I will be doing more researching when I get home, I just would like to hear first up from my fellow rat owners. Thanks everyone for your time.


----------



## ema-leigh (Jan 24, 2010)

I have never heard of this method... but I think if it was humane then vets would use it. Right now the vet has to gas the rat and inject it straight into the heart. So I'm sure if something like this was humane and effective... it would be the preferred method. I'm sorry to hear about poor Diesel... what is wrong with him exactly that he needs to be euthanized? 

Where are you located?


----------



## Alethea (Jul 14, 2010)

Okay, so rather then retyping all the things that this person has posted on another rat site, I will post the bits and pieces that I see as informational. 

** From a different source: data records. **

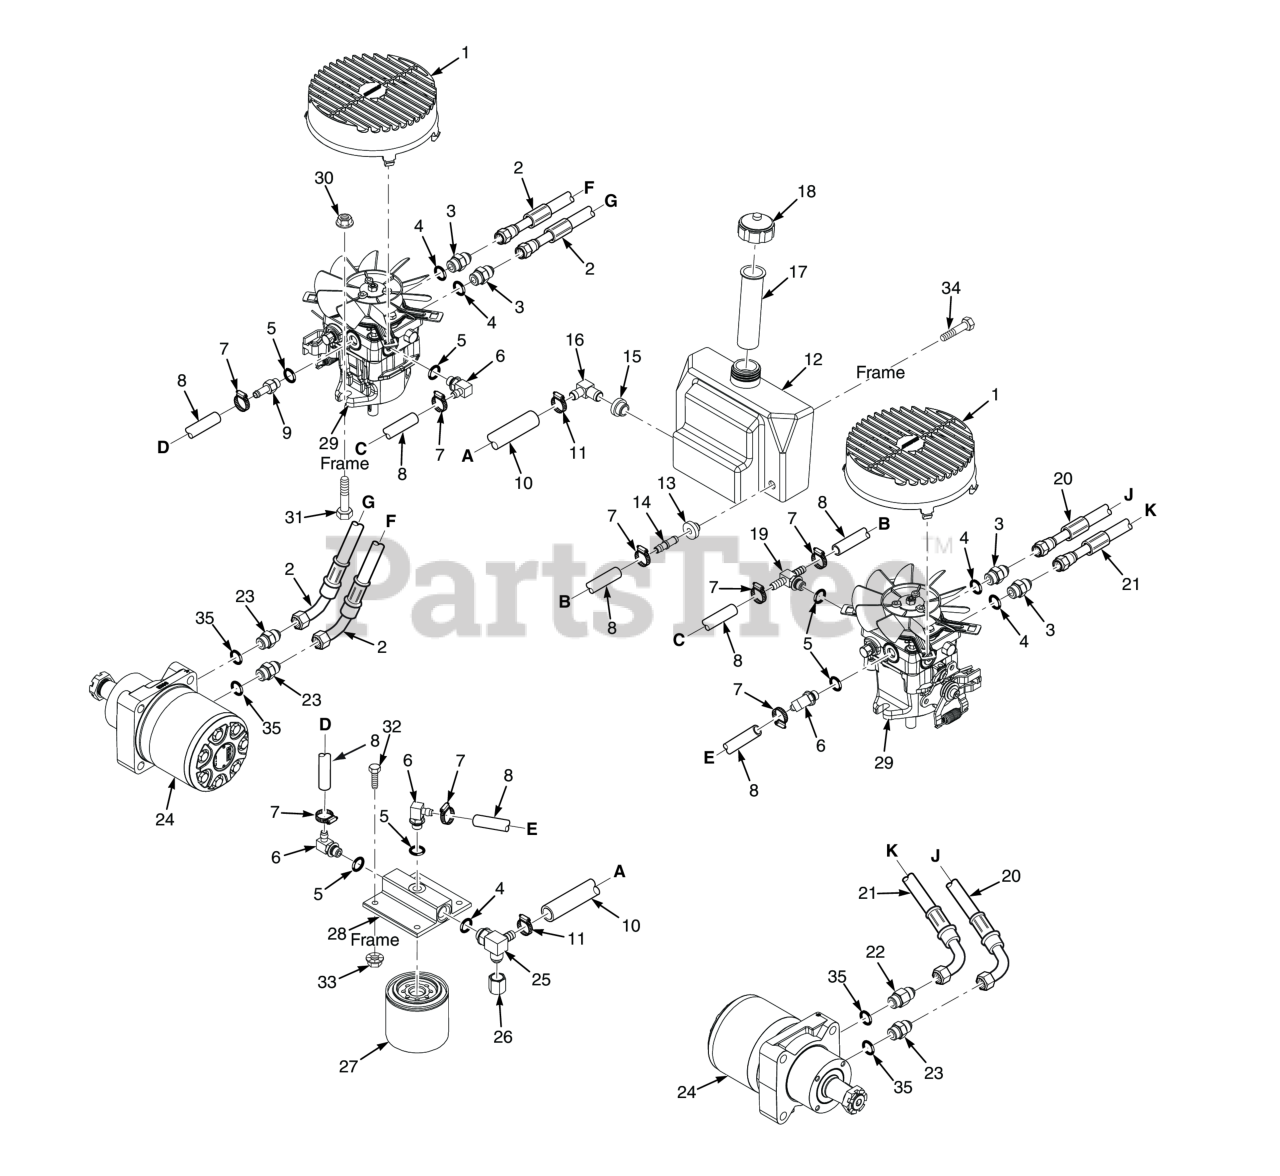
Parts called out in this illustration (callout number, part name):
1	Fan Cover, Pump
2	Hose Assembly
3	Union, 3/4"-16 JIC x 3/4"-16 O-Ring
4	"O" RING, 3/32 X 5/8" ID
5	"O" RING, 5/64 X 15/32 ID
6	Elbow, 90 Degree - 9/16" O-Ring x 3/8" Hose
7	Clamp, .69" Max. / .25" Min. Dia.
8	Hose, 3/8" ID - 10-1/4" Long (Order By The Inch)
9	Fitting, 9/16" O-Ring x 3/8" Hose
10	Hose Assembly, 1/2" ID (Oil Reservoir to Filter Base)
11	Clamp, Cable 3/4" I.D.
12	Hydraulic Tank Assy
13	Bushing, 0.56" Dia. Viton
14	Fitting, Straight
15	Bushing, 0.78" Dia. Viton
16	Fitting, 90 Degree - 1/2" Hose
17	Insert, Filler Neck
18	CAP, HYDRAULIC TANK
19	Tee Fitting, O-Ring to Barb
20	Hose Assembly
21	Hose Assembly
22	Fitting, 1/2" JIC x 5/8" O-Ring (LH Wheel Motor - Upper Port Only)
23	TUBE UNION, 3/4-16 JIC TO 7/8-14 "O" RING
24	Wheel Motor, Parker
25	Tee, 3/4" O-Ring x JIC x 1/2" Hose
26	CAP, 3-4-16 JIC
27	OIL FILTER, SPECIAL
28	Filter Head Assembly
29	Pump, LH (PK-3KCC-GA1F-XXXX)
30	Nut, Flange Elastic Stop Nut, 3/8-16
31	Bolt, Hex Head 3/8-16 x 1-1/2" B&S 32BV
32	BOLT, SERRATED FLANGE HEX HEAD 5/16-18 X 3/4"
33	Nut, Serrated Flange 5/16-18 (Right Front Engine Mounting, Briggs and Kohler Only)
34	CAP SCREW, 5/16-18 X 1/2" SERRATED FLANGE HEX
35	"O" RING, 3/32 X 3/4 ID

"The normal method used for dogs and cats is by giving an injection of a euthanasia drug directly into a vein, but this cannot be done on a rat or mouse due to its size. Finding a vein large enough to inject into is not an option, so the injection is given either directly into the heart or into the peritoneal cavity (belly). Both of these injections are extremely painful, thereby making them inhumane. Yes, it is true that, in most cases, the pet will just go to sleep and dies within a matter of minutes, but why would you want your pet to have to go through that painful injection in its last moments when it is not necessary? (I have also heard of cases where a second injection was necessary!) It is enough that your pet has to go through the trauma of being taken from its comfortable home to the vet’s office in its final moments, so you should make certain that the rest is painless."

"Making euthanasia pain free is as simple as insisting that your pet be anesthetized using an inhalant anesthesia prior to being given any fatal injections. A fatal injection may not even be necessary if the rat or mouse is given an overdose of the anesthesia. Anesthesia overdose is also a method that can be used at home if you have a source of obtaining Halothane in your state."

"However, I would not even consider euthanizing a pet at home using any other method than anesthesia overdose. It is the only humane method, in my opinion. Let me explain this procedure.

When it is time, I settle down on the bed or the sofa with a nice, plush towel for the rattie to be comfortable on. I pour some Halothane onto a couple of cotton balls that have been placed in a clean and empty small baby food jar. I put the jar in front of the rat’s nose. Halothane is not unpleasant, but the rat usually moves away from the jar at first. After moving it back in front of the rat’s nose, he often sticks his nose into the jar and, in a short amount of time, just falls asleep while I am petting him, talking to him, telling him how much I love him, and making him feel completely comfortable. Slowly, and not afraid, he goes to sleep.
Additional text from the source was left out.